(GOAL OF THE EXERCISE) Below is a listing. Quote from it, exactly, the lines from the one containing "#117507=VERTEX_POINT(' ',#117506);" down to the one containing "#117536=VECTOR(' ',#117531,1.);", both ends included, and nothing else.
'''
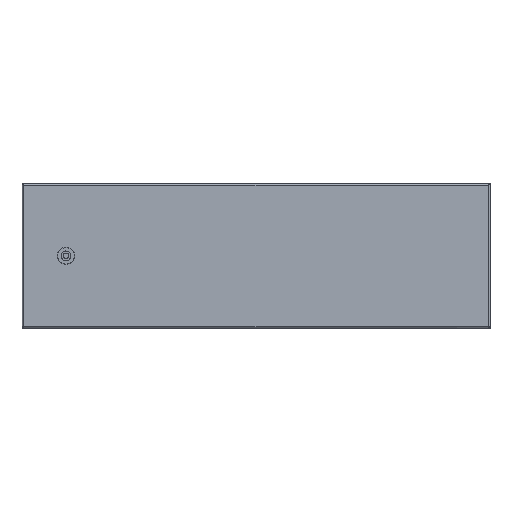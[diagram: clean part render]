
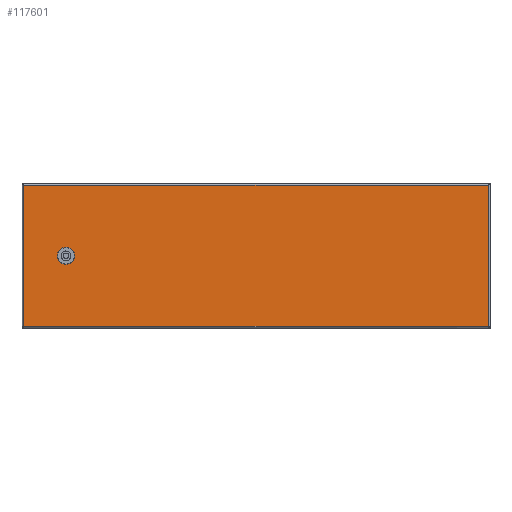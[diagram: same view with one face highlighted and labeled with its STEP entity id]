
A CAD part, top view. The second image highlights one B-rep face of the part: STEP entity #117601.
In plain terms, the highlighted planar face has unit normal (0, 0, 1).
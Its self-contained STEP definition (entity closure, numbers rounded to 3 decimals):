
#115321=CARTESIAN_POINT(' ',(791.2,242.2,0.));
#115326=DIRECTION(' ',(-1.,0.,0.));
#115331=VECTOR(' ',#115326,1.);
#115336=LINE('',#115321,#115331);
#115341=CARTESIAN_POINT(' ',(791.2,242.2,0.));
#115342=VERTEX_POINT(' ',#115341);
#115346=CARTESIAN_POINT(' ',(2.8,242.2,0.));
#115347=VERTEX_POINT(' ',#115346);
#115351=EDGE_CURVE(' ',#115342,#115347,#115336,.T.);
#117461=DIRECTION(' ',(-0.,-0.,1.));
#117466=CARTESIAN_POINT(' ',(791.2,2.8,0.));
#117471=DIRECTION(' ',(0.,1.,0.));
#117476=AXIS2_PLACEMENT_3D(' ',#117466,#117461,#117471);
#117481=PLANE('NONE',#117476);
#117486=CARTESIAN_POINT(' ',(2.8,2.8,0.));
#117491=DIRECTION(' ',(1.,0.,0.));
#117496=VECTOR(' ',#117491,1.);
#117501=LINE('',#117486,#117496);
#117506=CARTESIAN_POINT(' ',(2.8,2.8,0.));
#117507=VERTEX_POINT(' ',#117506);
#117511=CARTESIAN_POINT(' ',(791.2,2.8,0.));
#117512=VERTEX_POINT(' ',#117511);
#117516=EDGE_CURVE(' ',#117507,#117512,#117501,.T.);
#117521=ORIENTED_EDGE(' ',*,*,#117516,.T.);
#117526=CARTESIAN_POINT(' ',(791.2,242.2,0.));
#117531=DIRECTION(' ',(0.,-1.,0.));
#117536=VECTOR(' ',#117531,1.);
#117541=LINE('',#117526,#117536);
#117546=EDGE_CURVE(' ',#115342,#117512,#117541,.T.);
#117551=ORIENTED_EDGE(' ',*,*,#117546,.F.);
#117556=ORIENTED_EDGE(' ',*,*,#115351,.T.);
#117561=CARTESIAN_POINT(' ',(2.8,242.2,0.));
#117566=DIRECTION(' ',(0.,-1.,0.));
#117571=VECTOR(' ',#117566,1.);
#117576=LINE('',#117561,#117571);
#117581=EDGE_CURVE(' ',#115347,#117507,#117576,.T.);
#117586=ORIENTED_EDGE(' ',*,*,#117581,.T.);
#117591=EDGE_LOOP(' ',(#117521,#117551,#117556,#117586));
#117596=FACE_OUTER_BOUND(' ',#117591,.T.);
#117601=ADVANCED_FACE('NONE',(#117596),#117481,.T.);
'''
(TASK RESPONSE)
#117507=VERTEX_POINT(' ',#117506);
#117511=CARTESIAN_POINT(' ',(791.2,2.8,0.));
#117512=VERTEX_POINT(' ',#117511);
#117516=EDGE_CURVE(' ',#117507,#117512,#117501,.T.);
#117521=ORIENTED_EDGE(' ',*,*,#117516,.T.);
#117526=CARTESIAN_POINT(' ',(791.2,242.2,0.));
#117531=DIRECTION(' ',(0.,-1.,0.));
#117536=VECTOR(' ',#117531,1.);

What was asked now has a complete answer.